ACTIVITY:
Keep to one stretch of the data below, the lines from the one with "#630=ADVANCED_FACE('',(#570),#599,.T.);" up to and including the one with "#1099=CARTESIAN_POINT('',(-0.006363,0.010832,-0.008));", and return that stretch exactly.

══════════

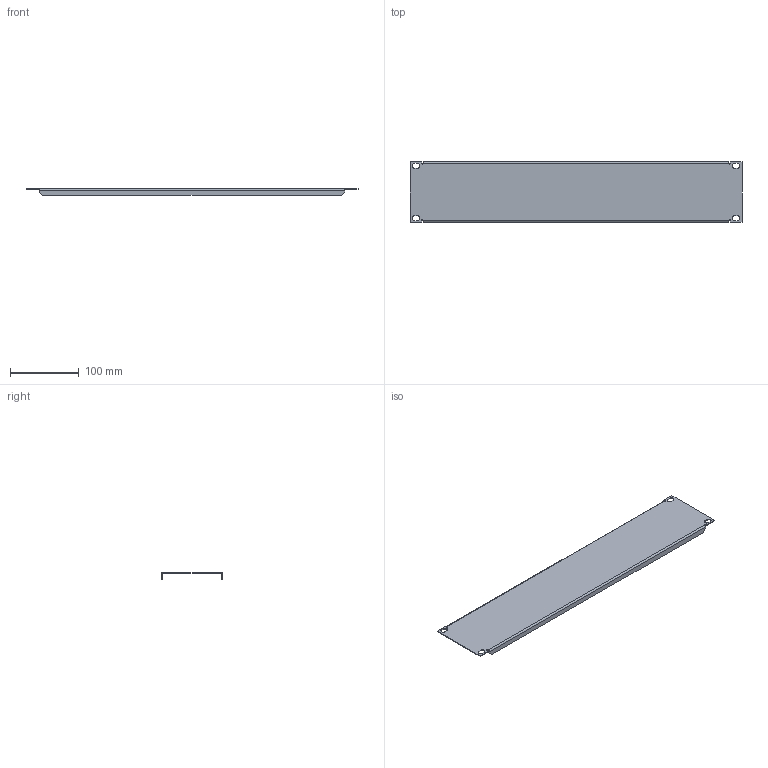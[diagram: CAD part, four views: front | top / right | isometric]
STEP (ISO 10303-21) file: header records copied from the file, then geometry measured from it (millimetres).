
FILE_DESCRIPTION (( 'STEP AP203' ), '1' );
FILE_NAME ('MB 20.48 I Ïàíåëü ãëóõàÿ 19''''.STEP', '2013-01-12T07:02:40', ( 'System' ), ( '' ), 'SwSTEP 2.0', 'SolidWorks 2012', '' );
FILE_SCHEMA (( 'CONFIG_CONTROL_DESIGN' ));
Length unit declared in the file: millimetre
Products named in the file (1): MB 20.48 I Ïàíåëü ãëóõàÿ 19''''
Bounding box: 482.6 x 88.1 x 10 mm (x, y, z)
Volume: 59172.5 mm3; surface area: 100188 mm2
Topology: 1 solids, 1 shells, 58 faces, 152 edges, 96 vertices
Faces by surface type: plane 38, cylinder 20
Entity records: 1861 total; most frequent: DIRECTION 310, CARTESIAN_POINT 307, ORIENTED_EDGE 304, EDGE_CURVE 152, VECTOR 112, LINE 112, AXIS2_PLACEMENT_3D 99, VERTEX_POINT 96
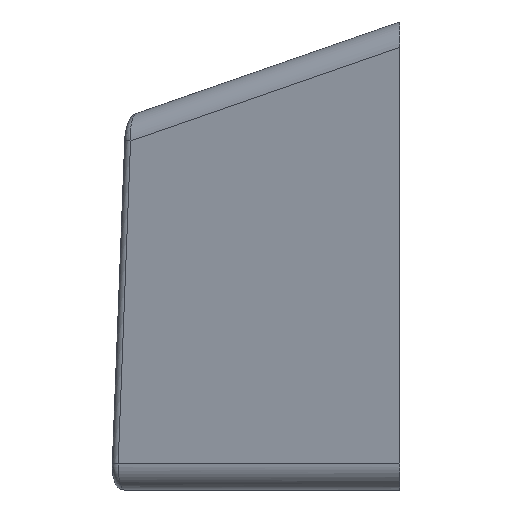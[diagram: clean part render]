
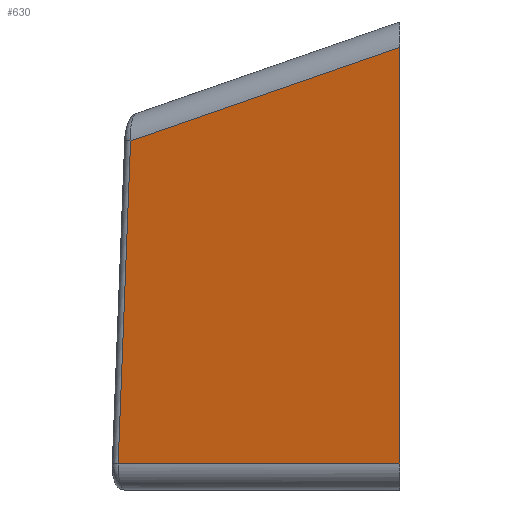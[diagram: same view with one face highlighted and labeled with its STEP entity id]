
A CAD part, left-side view. The second image highlights one B-rep face of the part: STEP entity #630.
In plain terms, the highlighted planar face has unit normal (-0.972, 0.237, 0).
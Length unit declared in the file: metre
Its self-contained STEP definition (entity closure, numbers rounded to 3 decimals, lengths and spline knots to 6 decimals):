
#35=B_SPLINE_CURVE_WITH_KNOTS('',3,(#1113,#1114,#1115,#1116),
 .UNSPECIFIED.,.F.,.F.,(4,4),(-1.731337,-0.488219),
 .UNSPECIFIED.);
#204=ORIENTED_EDGE('',*,*,#319,.F.);
#205=ORIENTED_EDGE('',*,*,#314,.F.);
#206=ORIENTED_EDGE('',*,*,#323,.F.);
#207=ORIENTED_EDGE('',*,*,#320,.F.);
#314=EDGE_CURVE('',#384,#385,#440,.F.);
#319=EDGE_CURVE('',#385,#386,#441,.F.);
#320=EDGE_CURVE('',#386,#388,#35,.F.);
#323=EDGE_CURVE('',#388,#384,#442,.T.);
#384=VERTEX_POINT('',#1089);
#385=VERTEX_POINT('',#1091);
#386=VERTEX_POINT('',#1099);
#388=VERTEX_POINT('',#1117);
#440=LINE('',#1090,#490);
#441=LINE('',#1111,#491);
#442=LINE('',#1128,#492);
#490=VECTOR('',#810,1.);
#491=VECTOR('',#817,1.);
#492=VECTOR('',#822,1.);
#528=EDGE_LOOP('',(#204,#205,#206,#207));
#570=FACE_BOUND('',#528,.T.);
#599=PLANE('',#690);
#630=ADVANCED_FACE('',(#570),#599,.T.);
#690=AXIS2_PLACEMENT_3D('',#1127,#820,#821);
#810=DIRECTION('',(0.,0.,1.));
#817=DIRECTION('',(-0.237,-0.972,0.));
#820=DIRECTION('',(-0.972,0.237,0.));
#821=DIRECTION('',(0.,0.,1.));
#822=DIRECTION('',(-0.224,-0.92,0.32));
#1089=CARTESIAN_POINT('',(-0.009,0.,0.008024));
#1090=CARTESIAN_POINT('',(-0.009,0.,0.));
#1091=CARTESIAN_POINT('',(-0.009,0.,-0.008));
#1099=CARTESIAN_POINT('',(-0.006363,0.010832,-0.008));
#1111=CARTESIAN_POINT('',(-0.0062,0.0115,-0.008));
#1113=CARTESIAN_POINT('',(-0.006479,0.010356,0.004422));
#1114=CARTESIAN_POINT('',(-0.00644,0.010513,0.000281));
#1115=CARTESIAN_POINT('',(-0.006402,0.010672,-0.00386));
#1116=CARTESIAN_POINT('',(-0.006363,0.010832,-0.008));
#1117=CARTESIAN_POINT('',(-0.006479,0.010356,0.004422));
#1127=CARTESIAN_POINT('',(-0.0062,0.0115,0.005));
#1128=CARTESIAN_POINT('',(-0.005959,0.012491,0.003679));
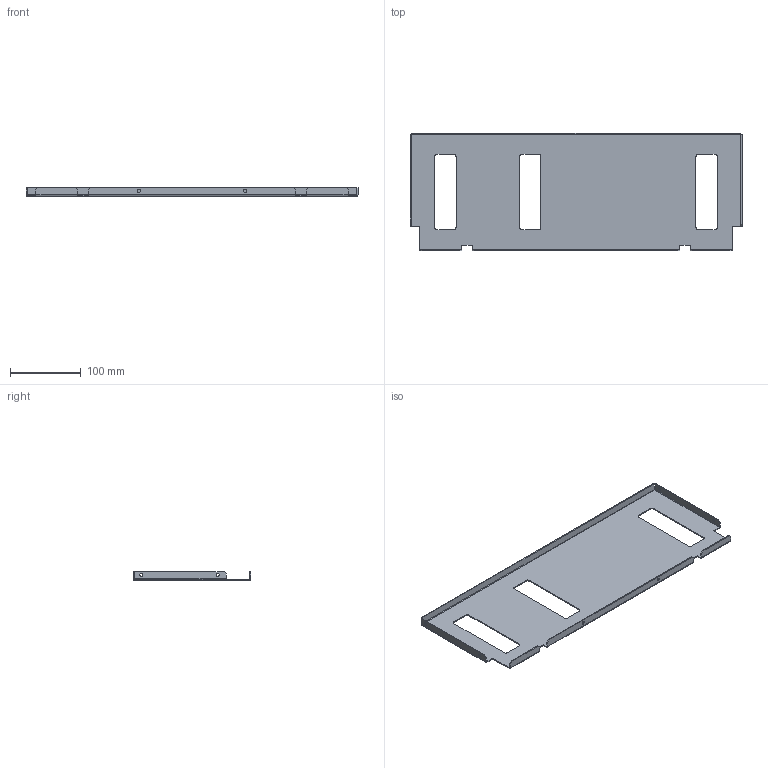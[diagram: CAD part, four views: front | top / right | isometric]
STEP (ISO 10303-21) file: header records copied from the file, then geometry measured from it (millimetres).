
FILE_DESCRIPTION(('CAx-IF Rec.Pracs.---Model Styling and Organization---1.2---2011-12-15','CAx-IF Rec.Pracs.---Geometric and Assembly Validation Properties---4.1---2014-06-16','CAx-IF Rec.Pracs.---PMI Polyline Presentation---2.0---2013-05-24'),'2;1');
FILE_NAME('R5MW4M1BP.stp','2021-05-05T12:59:19+03:00',(''),(''),'STEP Interface 4.4 by CT CoreTechnologie','3D_Evolution4.4 by CT CoreTechnologie','');
FILE_SCHEMA(('AUTOMOTIVE_DESIGN { 1 0 10303 214 1 1 1 1 }'));
Length unit declared in the file: millimetre
Products named in the file (2): R5MW4M1BP; RB.1511.00.00.0_-01
Assembly tree (1 placements, depth 2):
  R5MW4M1BP
    RB.1511.00.00.0_-01
Bounding box: 469 x 166.5 x 12 mm (x, y, z)
Surface area: 160295.3 mm2 (no closed solid volume)
Topology: 0 solids, 1 shells, 104 faces, 270 edges, 168 vertices
Faces by surface type: plane 64, cylinder 36, bspline 4
Entity records: 3311 total; most frequent: CARTESIAN_POINT 620, DIRECTION 546, ORIENTED_EDGE 540, EDGE_CURVE 270, VECTOR 198, LINE 198, AXIS2_PLACEMENT_3D 174, VERTEX_POINT 168
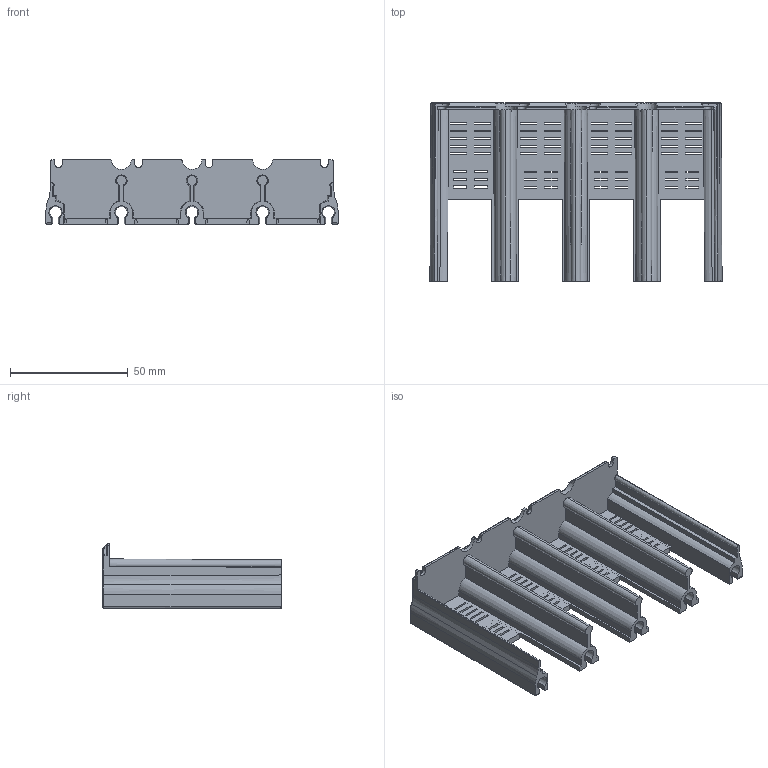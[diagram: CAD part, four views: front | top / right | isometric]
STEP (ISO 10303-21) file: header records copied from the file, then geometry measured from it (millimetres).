
FILE_DESCRIPTION (( 'STEP AP203' ), '1' );
FILE_NAME ('5-160-4-傷赽欶.STEP', '2024-11-05T02:37:44', ( 'A' ), ( '' ), 'SwSTEP 2.0', 'SolidWorks 2018', '' );
FILE_SCHEMA (( 'CONFIG_CONTROL_DESIGN' ));
Length unit declared in the file: millimetre
Products named in the file (1): 5-160-4-傷赽欶
Bounding box: 124.14 x 76 x 27.3 mm (x, y, z)
Volume: 41500.6 mm3; surface area: 40504.7 mm2
Topology: 1 solids, 1 shells, 531 faces, 1511 edges, 975 vertices
Faces by surface type: plane 385, cylinder 61, cone 44, bspline 23, sphere 11, torus 7
Entity records: 17741 total; most frequent: CARTESIAN_POINT 4078, ORIENTED_EDGE 3008, DIRECTION 2477, EDGE_CURVE 1504, VECTOR 1181, LINE 1181, VERTEX_POINT 975, EDGE_LOOP 659

══════════

RESULT:
#630=ADVANCED_FACE('',(#570),#599,.T.);
#690=AXIS2_PLACEMENT_3D('',#1127,#820,#821);
#810=DIRECTION('',(0.,0.,1.));
#817=DIRECTION('',(-0.237,-0.972,0.));
#820=DIRECTION('',(-0.972,0.237,0.));
#821=DIRECTION('',(0.,0.,1.));
#822=DIRECTION('',(-0.224,-0.92,0.32));
#1089=CARTESIAN_POINT('',(-0.009,0.,0.008024));
#1090=CARTESIAN_POINT('',(-0.009,0.,0.));
#1091=CARTESIAN_POINT('',(-0.009,0.,-0.008));
#1099=CARTESIAN_POINT('',(-0.006363,0.010832,-0.008));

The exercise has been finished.